Escribo con urgencia para reducir en todo lo posible el
daño: como un emético salvador de una intoxicación inesperada, como el
apresurado relato reiterativo y lleno de detalles agobiantes y minuciosos característico
del que acaba de vivir el susto de su vida en el que predomina el “casinolocuento”,
como un truco para poder más tarde dormir, como un intento de poner orden ante
lo inesperado improcesable, ..., como lo que quizás os está pasando a vosotras/os
ahora mismo.
¡Esto no se hace!. No es bueno enviarle a la gente un correo
con “bueno, bueno, bueno,..., adjunto archivo” sin antes hablar, por poco que
hubiera sido, aunque fuera por teléfono. O incluso quedar y hacer lo que
sabemos, preparar, mover la emoción un poco para facilitar el procesamiento
menos insalubre posible. No sé, avisar, aunque sea por compasión. ¡Qué costaba
avisar!.
Pues no. Es lunes. Abro el correo, elimino ofertas de
viajes, listados de pornografía, un par de ofertas de máster en psicología
clínica, y confiando en la remitente ¡ZASSS!. ¡ESTO!.
Casi onírico, surrealista, “desacougante”. Habla y se mira.
Observa y se observa.
Me identifico con ese público atento y me esfuerzo en imaginar
lo que siente. Me duele. Sé que no soy capaz de suponer siquiera lo que piensa
la figura del cuadro, salido de su marco, sostenido por un codo de contacto con
el atril, al modo de los recursos escultóricos realizados sólo al servicio de
la integridad de la pieza marmórea pero con aparente intención estética.
Pensé por un momento que no es bueno para un ser vivo
hacerse sombra porque entonces no crece y se condena a arrastarse en horizontal
obligado a la búsqueda de luz. Pero ese pensamiento necesita del ser vivo. Y lo
que hay en la imagen es un dios, ínfimo en términos relativos, pero dios al fín
y al cabo. ¿O no es cosa de un dios parecer terrenal ante míseros mortales
mientras en el mismo acto comunica que ya ha trascendido,...,o levitado? (que
no es lo mismo, pero dependiendo del estado se confunde).
Y ahora una observación impertinente: en ese lugar parece
haber más cuadros pero sólo uno es inevitable, si miras para delante, como se
debe aunque sea por educación. ¿O serán todos del mismo personaje?: ora a
caballo, un poco más allá con unos rayos en la mano, ora con un pendón
clavándolo en cualquier montículo de arena virgen, o ...(¡oh no!, me lo prohibo
como imagen, ¡hasta aquí!, faltaba más que hubiera uno que usara la técnica de
paños mojados, ¡insoportable!).
Ya me siento mejor. Y espero haber sido de ayuda.

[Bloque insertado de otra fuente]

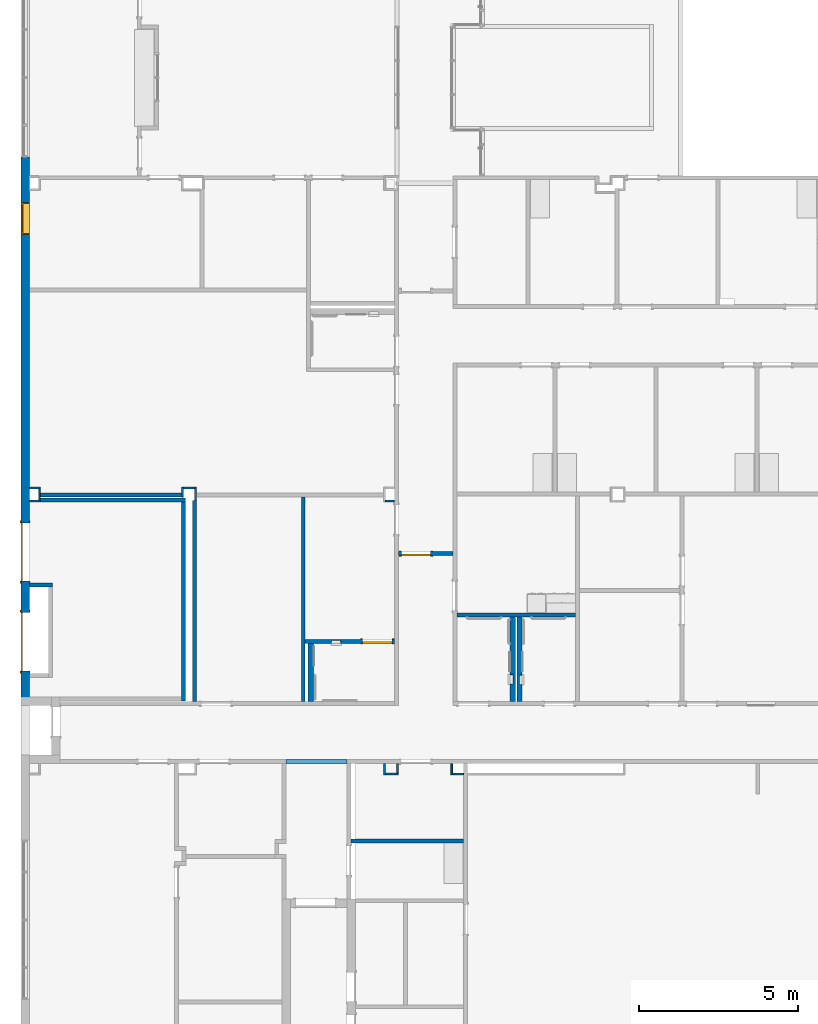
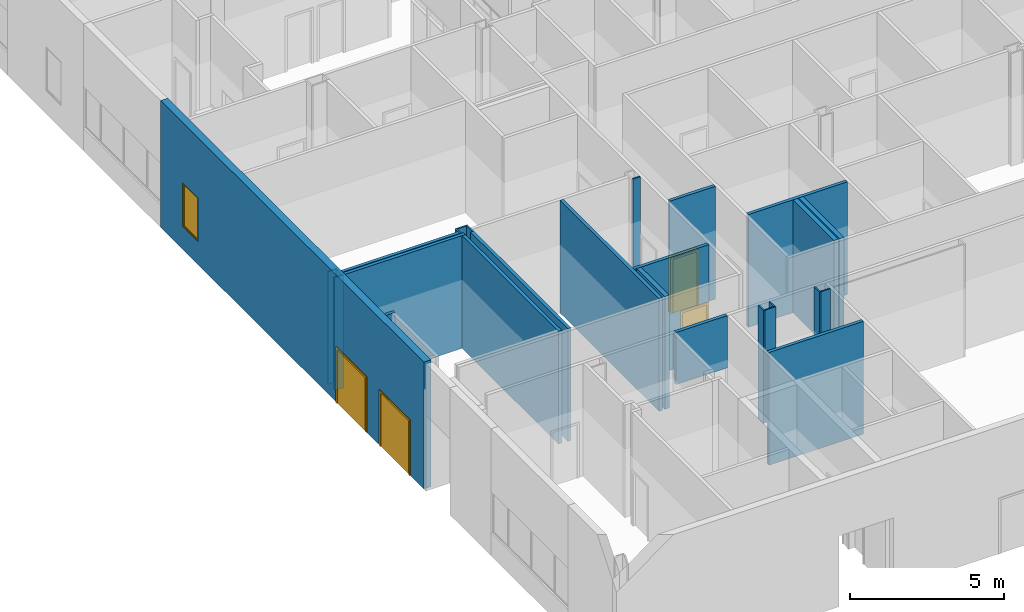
# One storey, part 20 of 82: 27 walls, 4 doors, 1 window, 8 openings.
"""IFC2X3 building model written with IfcOpenShell, lengths in metres."""

import ifcopenshell
import ifcopenshell.guid

model = None  # the IFC model being written
_history = None  # IfcOwnerHistory: only IFC2X3 demands one
_inside = {}  # id of a spatial element -> (the spatial element, [elements in it])
_under = {}  # id of a project, library or spatial element -> (it, [spatial elements below it])
_declared = {}  # id of a project -> (the project, [libraries it declares])
_typed = {}  # id of a type object -> (the type object, [elements of that type])
_made_of = {}  # id of a material, layer set ... -> (it, [elements and type objects made of it])


def new_model(schema):
    """Start an empty IFC model of exactly this schema.

    Asked for "IFC4X3", IfcOpenShell would pick the latest addendum, in which some entities
    have other attributes; the version numbers below select the first issue.
    IFC2X3 requires an IfcOwnerHistory on every rooted entity: one is made here for all.
    """
    global model, _history
    if schema == "IFC4X3":
        model = ifcopenshell.file(schema_version=(4, 3, 0, 0))
    else:
        model = ifcopenshell.file(schema=schema)
    _inside.clear()
    _under.clear()
    _declared.clear()
    _typed.clear()
    _made_of.clear()
    _history = None
    if model.schema == "IFC2X3":
        org = make("IfcOrganization", Name="unknown")
        user = make(
            "IfcPersonAndOrganization",
            ThePerson=make("IfcPerson", FamilyName="unknown"),
            TheOrganization=org,
        )
        app = make(
            "IfcApplication",
            ApplicationDeveloper=org,
            Version="unknown",
            ApplicationFullName="unknown",
            ApplicationIdentifier="unknown",
        )
        _history = make(
            "IfcOwnerHistory",
            OwningUser=user,
            OwningApplication=app,
            ChangeAction="ADDED",
            CreationDate=0,
        )
    return model


def make(cls, **values):
    """One entity of the class cls with the attributes given. An attribute that is None is left unset."""
    return model.create_entity(
        cls, **{name: value for name, value in values.items() if value is not None}
    )


def entity(cls, *values):
    """Any entity or typed value of the class cls, its attributes in the order of the schema. None: left unset."""
    e = model.create_entity(cls)
    for i, value in enumerate(values):
        if value is not None:
            e[i] = value
    return e


def rooted(cls, **values):
    """An entity with a GlobalId (a new one), such as an element, a storey or a relation."""
    return make(cls, GlobalId=ifcopenshell.guid.new(), OwnerHistory=_history, **values)


def si_unit(unit_type, name, prefix=None):
    """IfcSIUnit, for example si_unit("LENGTHUNIT", "METRE", prefix="MILLI")."""
    return make("IfcSIUnit", UnitType=unit_type, Prefix=prefix, Name=name)


def converted_unit(unit_type, name, factor, base, dimensions=None, offset=None):
    """IfcConversionBasedUnit, such as the inch: factor (a typed value) times the base unit."""
    return make(
        "IfcConversionBasedUnit"
        if offset is None
        else "IfcConversionBasedUnitWithOffset",
        ConversionOffset=offset,
        Dimensions=None
        if dimensions is None
        else entity("IfcDimensionalExponents", *dimensions),
        UnitType=unit_type,
        Name=name,
        ConversionFactor=make(
            "IfcMeasureWithUnit", ValueComponent=factor, UnitComponent=base
        ),
    )


def assignment(units):
    """IfcUnitAssignment: the units of a project."""
    return None if units is None else make("IfcUnitAssignment", Units=units)


def point(xyz):
    """IfcCartesianPoint."""
    return None if xyz is None else make("IfcCartesianPoint", Coordinates=xyz)


def direction(xyz):
    """IfcDirection."""
    return None if xyz is None else make("IfcDirection", DirectionRatios=xyz)


def frame(location, z_axis=None, x_axis=None):
    """IfcAxis2Placement3D, a coordinate frame: its origin and axes. An axis left out is left unset."""
    return make(
        "IfcAxis2Placement3D",
        Location=point(location),
        Axis=direction(z_axis),
        RefDirection=direction(x_axis),
    )


def frame_2d(location, x_axis=None):
    """IfcAxis2Placement2D, a coordinate frame in the plane: its origin and x axis."""
    return make(
        "IfcAxis2Placement2D", Location=point(location), RefDirection=direction(x_axis)
    )


def origin():
    """The frame at (0, 0, 0) with its axes left unset."""
    return frame((0.0, 0.0, 0.0))


def origin_2d_with_axis():
    """The frame at (0, 0) in the plane with the x axis (1, 0) written out."""
    return frame_2d((0.0, 0.0), x_axis=(1.0, 0.0))


def place(relative_to, where):
    """IfcLocalPlacement: puts the frame where relative to a parent placement (None: the world)."""
    return make(
        "IfcLocalPlacement", PlacementRelTo=relative_to, RelativePlacement=where
    )


def context(
    kind, dimensions, precision=None, world=None, true_north=None, identifier=None
):
    """IfcGeometricRepresentationContext, for example the 3D "Model" context."""
    return make(
        "IfcGeometricRepresentationContext",
        ContextIdentifier=identifier,
        ContextType=kind,
        CoordinateSpaceDimension=dimensions,
        Precision=precision,
        WorldCoordinateSystem=world,
        TrueNorth=true_north,
    )


def project(units=None, contexts=None):
    """IfcProject with its units and contexts."""
    return rooted(
        "IfcProject",
        Name="project",
        RepresentationContexts=contexts,
        UnitsInContext=assignment(units),
    )


def spatial(cls, under=None, at=None, **own):
    """A site, building, storey or space (cls), placed at a placement, below another one or the project."""
    s = rooted(cls, ObjectPlacement=at, **own)
    if under is not None:
        _under.setdefault(under.id(), (under, []))[1].append(s)
    return s


def polyline(points):
    """IfcPolyline through the points."""
    return make("IfcPolyline", Points=[point(p) for p in points])


def profile(cls, at=None, kind="AREA", **sizes):
    """A parametric profile (cls). Its sizes go by their IFC names, for example OverallWidth=200.0."""
    return make(cls, ProfileType=kind, Position=at, **sizes)


def rectangle(**sizes):
    """IfcRectangleProfileDef."""
    return profile("IfcRectangleProfileDef", **sizes)


def outline(outer, holes=None, kind="AREA"):
    """IfcArbitraryClosedProfileDef: a profile drawn as a closed curve; with holes, ...WithVoids."""
    if holes is None:
        return make("IfcArbitraryClosedProfileDef", ProfileType=kind, OuterCurve=outer)
    return make(
        "IfcArbitraryProfileDefWithVoids",
        ProfileType=kind,
        OuterCurve=outer,
        InnerCurves=holes,
    )


def extrude(swept, where, along, depth):
    """IfcExtrudedAreaSolid: the profile swept, set in the frame where, extruded along a direction by depth."""
    return make(
        "IfcExtrudedAreaSolid",
        SweptArea=swept,
        Position=where,
        ExtrudedDirection=direction(along),
        Depth=depth,
    )


def shape(context_of_items, identifier, shape_type, items):
    """IfcShapeRepresentation: the items that make up one representation, for example the "Body"."""
    return make(
        "IfcShapeRepresentation",
        ContextOfItems=context_of_items,
        RepresentationIdentifier=identifier,
        RepresentationType=shape_type,
        Items=items,
    )


def source(mapping_origin, context_of_items, identifier, shape_type, items):
    """IfcRepresentationMap: a shape defined once, which mapped items show again and again."""
    return make(
        "IfcRepresentationMap",
        MappingOrigin=mapping_origin,
        MappedRepresentation=shape(context_of_items, identifier, shape_type, items),
    )


def transform(
    local_origin,
    x_axis=None,
    y_axis=None,
    z_axis=None,
    scale=None,
    scale2=None,
    scale3=None,
    uniform=True,
):
    """IfcCartesianTransformationOperator3D, or its non-uniform kind. x_axis, y_axis, z_axis: its Axis1, 2, 3."""
    if uniform:
        return make(
            "IfcCartesianTransformationOperator3D",
            Axis1=direction(x_axis),
            Axis2=direction(y_axis),
            LocalOrigin=point(local_origin),
            Scale=scale,
            Axis3=direction(z_axis),
        )
    return make(
        "IfcCartesianTransformationOperator3DnonUniform",
        Axis1=direction(x_axis),
        Axis2=direction(y_axis),
        LocalOrigin=point(local_origin),
        Scale=scale,
        Axis3=direction(z_axis),
        Scale2=scale2,
        Scale3=scale3,
    )


def mapped(mapping_source, mapping_target):
    """IfcMappedItem: shows the shape of a source again, moved by a transform."""
    return make(
        "IfcMappedItem", MappingSource=mapping_source, MappingTarget=mapping_target
    )


def material(Name=None, Category=None):
    """IfcMaterial."""
    return make("IfcMaterial", Name=Name, Category=Category)


def layer(
    of_material, thickness, ventilated=None, Name=None, Category=None, Priority=None
):
    """IfcMaterialLayer: one layer of a wall or slab, of a material (None: an air gap)."""
    return make(
        "IfcMaterialLayer",
        Material=of_material,
        LayerThickness=thickness,
        IsVentilated=ventilated,
        Name=Name,
        Category=Category,
        Priority=Priority,
    )


def layer_set(layers, Name=None):
    """IfcMaterialLayerSet."""
    return make("IfcMaterialLayerSet", MaterialLayers=layers, LayerSetName=Name)


def layer_usage(for_layer_set, set_direction, sense, offset, extent=None):
    """IfcMaterialLayerSetUsage: how a layer set lies in its element."""
    return make(
        "IfcMaterialLayerSetUsage",
        ForLayerSet=for_layer_set,
        LayerSetDirection=set_direction,
        DirectionSense=sense,
        OffsetFromReferenceLine=offset,
        ReferenceExtent=extent,
    )


def made_of(thing, what):
    """Note that an element or type object is made of a material, layer set ...; save() writes the relation."""
    if what is not None:
        _made_of.setdefault(what.id(), (what, []))[1].append(thing)
    return thing


def type_object(cls, material=None, **own):
    """A type object (cls), such as IfcWallType, which elements share."""
    return made_of(rooted(cls, **own), material)


def type_shapes(of_type, sources):
    """Give a type object the sources (RepresentationMaps) that its elements show as mapped items."""
    of_type.RepresentationMaps = sources


def element(
    cls,
    number,
    at=None,
    inside=None,
    cuts=None,
    type_object=None,
    material=None,
    context=None,
    identifier="Body",
    shape_type=None,
    held_by="IfcProductDefinitionShape",
    body=None,
    shapes=None,
    **own,
):
    """One element of the class cls, such as IfcWall. Its Tag is "e" and its number.

    at: its placement. inside: the storey or other place that contains it. cuts: it is an
    opening in that element (IfcRelVoidsElement). A single representation is given by context,
    identifier, shape_type and body (its items); several are given by shapes. held_by: the class
    of the entity that holds the representations. save() writes the other relations.
    """
    e = rooted(cls, Tag="e%d" % number, ObjectPlacement=at, **own)
    if body is not None:
        shapes = [shape(context, identifier, shape_type, body)]
    if shapes is not None:
        e.Representation = make(held_by, Representations=shapes)
    if inside is not None:
        _inside.setdefault(inside.id(), (inside, []))[1].append(e)
    if cuts is not None:
        rooted(
            "IfcRelVoidsElement", RelatingBuildingElement=cuts, RelatedOpeningElement=e
        )
    if type_object is not None:
        _typed.setdefault(type_object.id(), (type_object, []))[1].append(e)
    return made_of(e, material)


def fill(opening, filler):
    """IfcRelFillsElement: the door or window that sits in an opening."""
    return rooted(
        "IfcRelFillsElement",
        RelatingOpeningElement=opening,
        RelatedBuildingElement=filler,
    )


def aggregate(whole, parts):
    """IfcRelAggregates: a whole, such as a stair, and the parts it consists of."""
    return rooted("IfcRelAggregates", RelatingObject=whole, RelatedObjects=parts)


def save(model, path):
    """Write the relations noted so far, then the file.

    IfcRelAggregates (storeys below a building ...), IfcRelContainedInSpatialStructure (elements
    in a storey), IfcRelDefinesByType, IfcRelAssociatesMaterial and IfcRelDeclares: one each for
    every whole, place, type object, material and project.
    """
    for whole, parts in _under.values():
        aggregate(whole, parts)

Nota: Esta foto del líder se encuentra publicada en el último número de
Infocop, en el que también se incluyen cuatro fotos de rostros individuales de
las cuales dos más son de él mismo (50% de protagonismo, ¡ahí es ná!). Haciendo
un elemental análisis de contenido gráfico del número, si se observan las
restantes fotografías se verá que los roles desempeñados por los retratados en todas
las demás fotos colectivas reflejan horizontalidad entre los integrantes de los
grupos,..., excepto esta que nos catapulta al culto personal (si aún se
llevara, claro). Da que pensar sobre el consejo de redacción del órgano de
propaganda del Consejo de COPs. Qué cosas pasan. Y afuera más del 70% de
psicólogos en paro, y ahora no se mueve por ellos ni un dedo colegial.
¡Ah!, y no debe enfocarse esto desde la psicopatología, no
es narcisismo enfermizo, no, es un ejemplo de diversidad política.